Nesting birds need lots of calcium
We all need calcium — mammals, birds, even plants. Consider how many times as a kid you heard: “Drink your milk; it helps build strong bones.”
The calcium contained in milk is an important component of bones. Calcium in the form of calcium carbonate also is the main component of eggshells of birds, but unlike mammals, birds don’t drink milk.
At this time of year female birds often find it a challenge to secure enough calcium for a clutch of eggs. The need is great. This is especially important for birds such as ducks and quail, which lay large clutches that may consist of more than a dozen eggs. Some smaller birds also lay large clutches of six to eight eggs, including chickadees, titmice and bushtits.
The amount of calcium needed to produce a full clutch of eggs can exceed the amount of calcium in the skeleton of a female bird. The challenge is even greater if you consider how fast they must produce eggs. Females typically lay an egg a day until a clutch is complete.
So how do birds manage? Seeking out foods rich in calcium is one strategy. Seeking out bits of shell to consume is another. Feeding oyster shell to laying hens is a common practice known to those raising chickens.

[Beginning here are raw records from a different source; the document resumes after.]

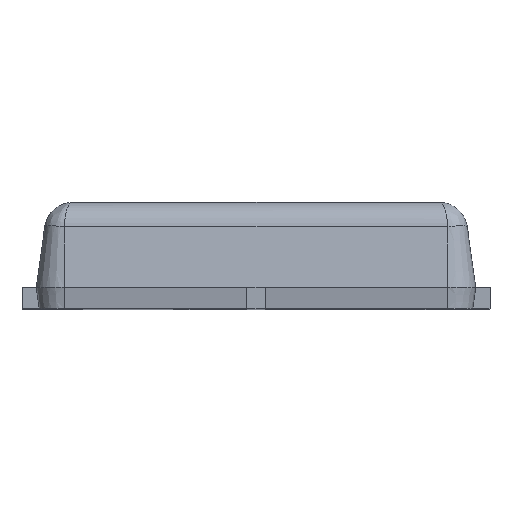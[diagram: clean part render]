
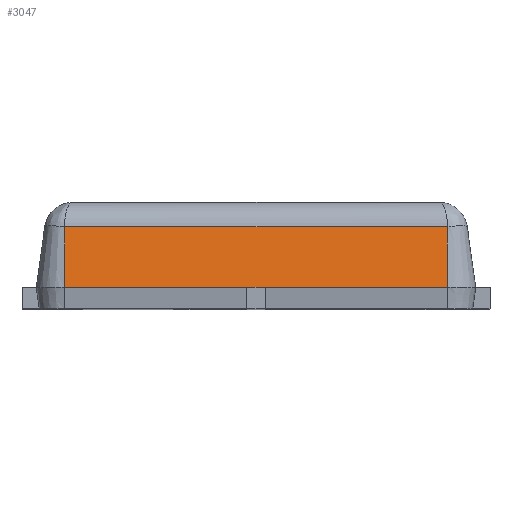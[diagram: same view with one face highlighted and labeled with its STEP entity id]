
A CAD part, top view. The second image highlights one B-rep face of the part: STEP entity #3047.
In plain terms, the highlighted planar face has unit normal (0, 0.139, 0.99).
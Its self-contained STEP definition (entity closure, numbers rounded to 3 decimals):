
#13 = VERTEX_POINT ( 'NONE', #1006 ) ;
#45 = EDGE_CURVE ( 'NONE', #4201, #5303, #2545, .T. ) ;
#317 = DIRECTION ( 'NONE',  ( 1., 0., 0. ) ) ;
#385 = VECTOR ( 'NONE', #317, 1000. ) ;
#431 = CARTESIAN_POINT ( 'NONE',  ( 1.35, 0., 1.55 ) ) ;
#628 = CARTESIAN_POINT ( 'NONE',  ( 1.35, 0., 1.55 ) ) ;
#720 = EDGE_CURVE ( 'NONE', #4201, #2221, #5398, .T. ) ;
#866 = LINE ( 'NONE', #3689, #385 ) ;
#931 = LINE ( 'NONE', #5782, #2700 ) ;
#949 = CARTESIAN_POINT ( 'NONE',  ( 1.35, 0., 1.55 ) ) ;
#955 = CARTESIAN_POINT ( 'NONE',  ( -1.35, 0., 1.55 ) ) ;
#963 = DIRECTION ( 'NONE',  ( 0., -0.99, 0.139 ) ) ;
#1006 = CARTESIAN_POINT ( 'NONE',  ( -1.35, 0., 1.55 ) ) ;
#1024 = VECTOR ( 'NONE', #4362, 1000. ) ;
#1029 = VECTOR ( 'NONE', #3374, 1000. ) ;
#1093 = ORIENTED_EDGE ( 'NONE', *, *, #720, .F. ) ;
#1133 = EDGE_CURVE ( 'NONE', #4968, #1792, #2921, .T. ) ;
#1140 = ORIENTED_EDGE ( 'NONE', *, *, #45, .T. ) ;
#1266 = CARTESIAN_POINT ( 'NONE',  ( 1.35, 0.428, 1.49 ) ) ;
#1463 = DIRECTION ( 'NONE',  ( 0., 0.139, 0.99 ) ) ;
#1606 = DIRECTION ( 'NONE',  ( 0., -0.99, 0.139 ) ) ;
#1792 = VERTEX_POINT ( 'NONE', #2135 ) ;
#2093 = ORIENTED_EDGE ( 'NONE', *, *, #3686, .T. ) ;
#2135 = CARTESIAN_POINT ( 'NONE',  ( 0.065, 0., 1.55 ) ) ;
#2221 = VERTEX_POINT ( 'NONE', #2270 ) ;
#2270 = CARTESIAN_POINT ( 'NONE',  ( 1.35, 0., 1.55 ) ) ;
#2383 = FACE_OUTER_BOUND ( 'NONE', #4010, .T. ) ;
#2545 = LINE ( 'NONE', #4863, #1024 ) ;
#2700 = VECTOR ( 'NONE', #5752, 1000. ) ;
#2921 = LINE ( 'NONE', #949, #4003 ) ;
#3004 = ORIENTED_EDGE ( 'NONE', *, *, #4077, .T. ) ;
#3047 = ADVANCED_FACE ( 'NONE', ( #2383 ), #5261, .T. ) ;
#3152 = ORIENTED_EDGE ( 'NONE', *, *, #1133, .T. ) ;
#3322 = CARTESIAN_POINT ( 'NONE',  ( -1.35, 0.428, 1.49 ) ) ;
#3374 = DIRECTION ( 'NONE',  ( 0., -0.99, 0.139 ) ) ;
#3413 = ORIENTED_EDGE ( 'NONE', *, *, #4873, .T. ) ;
#3686 = EDGE_CURVE ( 'NONE', #13, #4968, #931, .T. ) ;
#3689 = CARTESIAN_POINT ( 'NONE',  ( 1.35, 0., 1.55 ) ) ;
#3902 = CARTESIAN_POINT ( 'NONE',  ( -0.065, 0., 1.55 ) ) ;
#4003 = VECTOR ( 'NONE', #6183, 1000. ) ;
#4010 = EDGE_LOOP ( 'NONE', ( #1093, #1140, #3413, #2093, #3152, #3004 ) ) ;
#4077 = EDGE_CURVE ( 'NONE', #1792, #2221, #866, .T. ) ;
#4201 = VERTEX_POINT ( 'NONE', #1266 ) ;
#4362 = DIRECTION ( 'NONE',  ( -1., 0., 0. ) ) ;
#4792 = AXIS2_PLACEMENT_3D ( 'NONE', #431, #1463, #963 ) ;
#4863 = CARTESIAN_POINT ( 'NONE',  ( -1.35, 0.428, 1.49 ) ) ;
#4873 = EDGE_CURVE ( 'NONE', #5303, #13, #5219, .T. ) ;
#4968 = VERTEX_POINT ( 'NONE', #3902 ) ;
#5219 = LINE ( 'NONE', #955, #1029 ) ;
#5261 = PLANE ( 'NONE',  #4792 ) ;
#5303 = VERTEX_POINT ( 'NONE', #3322 ) ;
#5398 = LINE ( 'NONE', #628, #5401 ) ;
#5401 = VECTOR ( 'NONE', #1606, 1000. ) ;
#5752 = DIRECTION ( 'NONE',  ( 1., 0., 0. ) ) ;
#5782 = CARTESIAN_POINT ( 'NONE',  ( 1.35, 0., 1.55 ) ) ;
#6183 = DIRECTION ( 'NONE',  ( 1., 0., 0. ) ) ;

We all know bird bones are hollow. Thin-walled bones, while still strong, help reduce the overall weight of a bird, helping to make flight possible. Yet this space is where females temporarily store much of the extra calcium needed for eggshells. Cut open a thigh bone of a female bird in breeding condition, and you likely will see bone deposits filling much of the space. This temporary supply is called medullary bone and is easily mobilized for the manufacture of eggshells.
Medullary bone comes with a cost. It is heavy just like other bone and puts a female at a disadvantage when flying. Extra weight requires extra energy. It also impacts flight capabilities, making them more vulnerable to predators when trying to escape.
Evidence of medullary bone has even been discovered in the fossils of some dinosaurs, including relatives of Tyrannosaurus. This is just one more piece of evidence that birds really are modern-day dinosaurs, as many scientists maintain.
The demands for calcium also may influence where birds live today. The Klamath Mountains, including the Siskiyous, are geologically diverse. Unlike the Cascades, which are composed almost entirely of volcanic rock, the Klamath Mountains are an eclectic mixture of rocks of all kinds. Some originated deep in the Earth beneath the crust.
One of these rocks from the mantle is called serpentinite, a glossy green rock common in parts of Josephine County and to the south near Yreka. The rock producing the soils in these areas contains very little calcium compared with the volcanic soils in the Cascades.
Calcium is important not only to birds but to plants. It takes a special set of plants to cope with the challenges of growing on serpentine soils. Given the challenges, plant productivity on serpentine soils is low. This lack of calcium also may help explain the relatively low populations of birds in these same areas.